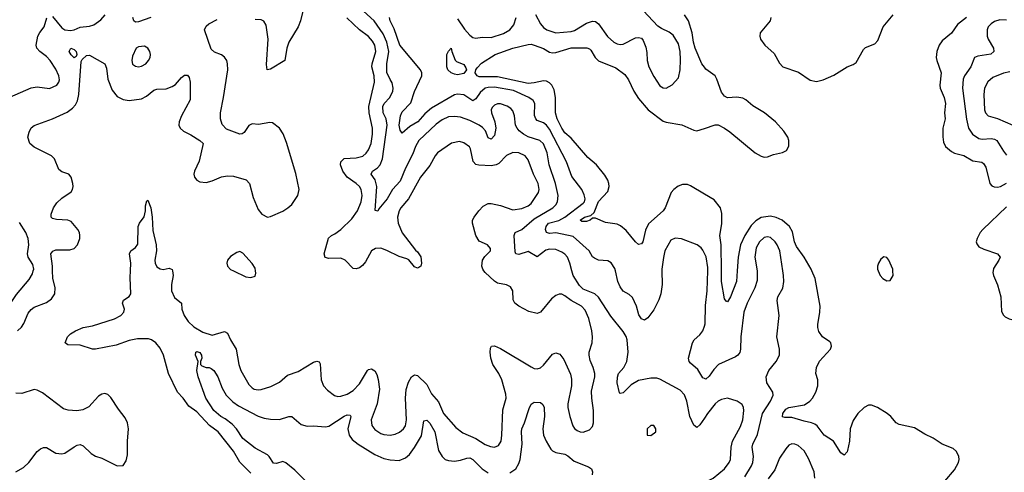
# Model space of a CAD drawing. Header units: inches. Extents: x 1682530 to 1839546, y 640742 to 791647.
# Tile 442 of 656: x 1695535 to 1701955, y 778687 to 781636. Entities that reach past the tile are written whole.
import ezdxf

# ---------------------------------------------------------------- set-up
doc = ezdxf.new("R2010")
doc.units = ezdxf.units.IN
doc.header["$MEASUREMENT"] = 0
for name, color, linetype in [('B6797', 7, 'Continuous'), ('B6798', 7, 'Continuous'), ('B7707', 7, 'Continuous'), ('B7708', 7, 'Continuous')]:
    doc.layers.add(name, color=color, linetype=linetype)

msp = doc.modelspace()

# ---------------------------------------------------------------- linework, layer by layer
at = {"layer": 'B6797', "color": 5}
for points, elevation in [([(1695152.7, 780000), (1695157, 779990), (1695232.9, 779872.9), (1695261, 779841), (1695301.7, 779810), (1695370, 779767.9), (1695410, 779751.5), (1695430, 779751.5), (1695450, 779761.8), (1695470, 779780.2), (1695513.5, 779846.5), (1695596.1, 779943.9), (1695618.5, 779981.5), (1695623.9, 780000)], 840), ([(1695521.6, 779610), (1695547.4, 779632.6), (1695563, 779657), (1695590, 779724.9), (1695610, 779749.1), (1695630, 779762.4), (1695710, 779793.4), (1695741.8, 779818.2), (1695764.4, 779850), (1695766, 779890), (1695751.9, 779951.9), (1695750, 780000)], 820), ([(1697041.2, 778681.2), (1696970, 778752.9), (1696930, 778825.3), (1696830, 778949.8), (1696773.2, 778993.2), (1696690, 779081.2), (1696637.2, 779117.2), (1696600.7, 779170), (1696564.5, 779210), (1696505.7, 779330), (1696471.9, 779450), (1696450, 779495.1), (1696423.8, 779530), (1696395.1, 779550), (1696376, 779556), (1696303, 779557), (1696250, 779546.5), (1696164.6, 779515.4), (1696030, 779489.4), (1696010, 779490.5), (1695930, 779515.2), (1695850, 779516.9), (1695832, 779530), (1695847.6, 779570), (1695867.1, 779590), (1695898.2, 779610), (1695948.2, 779630), (1696010, 779641.8), (1696153.1, 779686.9), (1696195.1, 779710), (1696213.8, 779730), (1696218, 779750), (1696206.4, 779790), (1696211.9, 779808.1), (1696248.2, 779831.8), (1696260.4, 779850), (1696256, 779956), (1696257.6, 780000)], 780), ([(1696531, 780000), (1696535, 779970), (1696524.2, 779910), (1696525.7, 779870), (1696545.6, 779825.6), (1696590.1, 779790.1), (1696593.2, 779750), (1696606.6, 779710), (1696633.8, 779670), (1696670, 779634.6), (1696730, 779601.3), (1696790, 779581.8), (1696870, 779605.2), (1696890, 779594.9), (1696909.3, 779550), (1696947.6, 779490), (1696965, 779390), (1696977.8, 779350), (1697030, 779260.3), (1697050, 779237.8), (1697063.8, 779230), (1697090, 779224.2), (1697110, 779226.2), (1697173, 779247), (1697230, 779275.3), (1697280.4, 779319.6), (1697350, 779345), (1697450, 779404.7), (1697472.2, 779412.2), (1697487.6, 779407.6), (1697494.1, 779394.1), (1697500.2, 779290), (1697516.9, 779250), (1697541.7, 779221.7), (1697587.2, 779187.2), (1697610, 779181.6), (1697630, 779183.5), (1697670, 779195.4), (1697710, 779221), (1697750, 779264.5), (1697803.5, 779350), (1697810, 779357.4), (1697830, 779361.7), (1697850, 779348.7), (1697864, 779324), (1697872.9, 779292.9), (1697880.1, 779230), (1697865.7, 779134.3), (1697827.3, 779030), (1697831.1, 778991.1), (1697850, 778965.8), (1697890, 778940.7), (1697910, 778934), (1697950, 778930.2), (1697983.3, 778936.7), (1698011.8, 778948.2), (1698037.7, 778970), (1698049.8, 778990.2), (1698057.9, 779030), (1698049.9, 779170), (1698054.3, 779225.7), (1698070, 779275.3), (1698089.8, 779310), (1698110, 779321.3), (1698119.5, 779319.5), (1698130, 779316.9), (1698190, 779259.6), (1698219.3, 779199.3), (1698266.6, 779146.6), (1698299.4, 779070), (1698378.5, 778978.5), (1698425.4, 778945.4), (1698510, 778907.8), (1698570, 778868.4), (1698605.1, 778854.9), (1698630, 778851.6), (1698657.1, 778862.9), (1698673.5, 778890), (1698679.8, 778930), (1698684.9, 779095.1), (1698707.6, 779170), (1698704.7, 779195.3), (1698678.3, 779290), (1698659.2, 779330), (1698621.1, 779390), (1698607.2, 779430), (1698602.2, 779470), (1698604.4, 779495.6), (1698611.5, 779508.5), (1698630, 779511.6), (1698670, 779494.7), (1698870, 779374.9), (1698890, 779364.4), (1698910, 779361.5), (1698930, 779367.6), (1698950, 779384.9), (1699010, 779456.9), (1699030, 779465.5), (1699056, 779456), (1699082.5, 779422.5), (1699127.5, 779327.5), (1699133.4, 779293.4), (1699134, 779250), (1699110, 779133.2), (1699109.5, 779110), (1699121.6, 779050), (1699141.5, 778990), (1699152.3, 778972.3), (1699170, 778958.9), (1699190, 778950.3), (1699210, 778948.9), (1699250, 778963.7), (1699270, 778985.5), (1699276.9, 779010), (1699277.2, 779090), (1699264.7, 779170), (1699263.6, 779216.4), (1699285.1, 779310), (1699285.6, 779330), (1699275.1, 779370), (1699255.3, 779415.3), (1699247.6, 779450), (1699248.2, 779470), (1699268.1, 779531.9), (1699270.7, 779569.3), (1699266.6, 779610), (1699245.7, 779690), (1699223.2, 779743.2), (1699198, 779770), (1699130, 779807.3), (1699090, 779837.8), (1699070, 779847.4), (1699051.7, 779848.3), (1699030, 779839.7), (1699002.5, 779817.5), (1698930, 779729.7), (1698910, 779721), (1698854.3, 779734.3), (1698789.1, 779769.1), (1698763.1, 779790), (1698753.7, 779810), (1698751.5, 779870), (1698734.7, 779894.7), (1698708.7, 779908.7), (1698650, 779920.7), (1698630, 779932.8), (1698569.8, 779990), (1698562.1, 780000)], 780), ([(1696928.2, 780000), (1697010, 779960.9), (1697042.4, 779957.6), (1697070, 779964.7), (1697075.6, 779984.4), (1697073, 780000)], 820), ([(1700000, 779041), (1699970, 778995.8), (1699950, 778978.4), (1699930, 778994.7), (1699903.7, 779050), (1699884.4, 779150), (1699870, 779191.5), (1699841.6, 779221.6), (1699710, 779293), (1699690, 779299.7), (1699650, 779300.7), (1699570, 779284.4), (1699522.2, 779257.8), (1699470, 779205.8), (1699450, 779201.1), (1699445.9, 779205.9), (1699431.4, 779270), (1699432.9, 779307.1), (1699439.8, 779330), (1699473.5, 779370), (1699493.7, 779410), (1699503.2, 779470), (1699496.3, 779550), (1699490, 779571.1), (1699470, 779605.7), (1699390, 779704.5), (1699310, 779827.7), (1699285.7, 779850), (1699210, 779881.5), (1699185, 779905), (1699143.7, 779970), (1699135.8, 780000)], 760), ([(1699722.7, 780000), (1699723.2, 779910), (1699715.2, 779850), (1699703.2, 779810), (1699670, 779746.9), (1699630, 779693.6), (1699610, 779678), (1699590, 779687), (1699572.8, 779712.8), (1699557.1, 779770), (1699530, 779826.3), (1699510, 779845.1), (1699470, 779866.6), (1699450, 779895.1), (1699436.2, 779930), (1699419.7, 780000)], 740), ([(1700000, 779299), (1699990, 779302.9), (1699956.6, 779356.6), (1699910, 779397.4), (1699900.9, 779410), (1699896.4, 779430), (1699920.9, 779530), (1699932.8, 779550), (1699970, 779584), (1699989.9, 779610.1), (1700000, 779640.1)], 740), ([(1697410, 778619.8), (1697330, 778701.9), (1697270, 778749.8), (1697250, 778757.2), (1697210, 778743.9), (1697190, 778746.3), (1697162.5, 778790), (1697150, 778801.5), (1697070, 778844.9), (1696990, 778908.4), (1696948.5, 778970), (1696920.2, 779000.2), (1696875.6, 779035.6), (1696846.9, 779050), (1696800.2, 779090), (1696749.9, 779170), (1696698.7, 779310), (1696689.5, 779350.5), (1696698, 779410), (1696681.3, 779450), (1696684.2, 779470), (1696690, 779474.3), (1696710, 779467.3), (1696721.6, 779450), (1696722.8, 779430), (1696714, 779410), (1696714.8, 779390), (1696722, 779382), (1696750, 779370.4), (1696770, 779370.4), (1696784.2, 779364.2), (1696801.6, 779350), (1696826, 779310), (1696855.1, 779235.1), (1696881.7, 779190), (1696925.7, 779145.7), (1696960.9, 779120.9), (1697090, 779054), (1697130, 779040.6), (1697170, 779032.7), (1697229.8, 779030.2), (1697290, 779050.6), (1697310, 779050.7), (1697370, 778998), (1697410, 778987.6), (1697450, 778990.2), (1697530, 778983.6), (1697550, 778988.1), (1697650, 779053.9), (1697670, 779061.2), (1697690, 779060.5), (1697694.4, 779050), (1697675.1, 778970), (1697683.5, 778930), (1697702, 778902), (1697742.2, 778870), (1697850, 778803.5), (1697910, 778778), (1697951.8, 778768.2), (1698010, 778764.7), (1698050, 778781.8), (1698076.4, 778803.6), (1698110, 778849.2), (1698154.4, 778925.6), (1698170, 779022), (1698190, 779026.3), (1698210, 779007.9), (1698242.2, 778950), (1698266.6, 778830), (1698289.3, 778790), (1698310, 778771.3), (1698330, 778763.8), (1698370, 778760.6), (1698410, 778766.4), (1698450, 778779.7), (1698470, 778780.6), (1698490, 778771), (1698550, 778709.2), (1698590, 778683.2)], 760), ([(1695510, 778690.3), (1695560.6, 778719.4), (1695595.8, 778750), (1695650, 778823.2), (1695670, 778840.2), (1695690, 778848), (1695710, 778847.9), (1695771.7, 778811.7), (1695810, 778806.8), (1695830, 778812.1), (1695890, 778854), (1695910, 778864), (1695930, 778867.4), (1695950, 778860.3), (1696001.1, 778810), (1696030, 778792.8), (1696070, 778778.3), (1696170, 778730.4), (1696209.5, 778730.5), (1696230, 778761), (1696238.9, 778801.1), (1696238.3, 778890), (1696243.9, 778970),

**Assignment**
For the word "ezdxf", return every line of the records that holds it.

**Written answer**
import ezdxf
doc = ezdxf.new("R2010")
doc.units = ezdxf.units.IN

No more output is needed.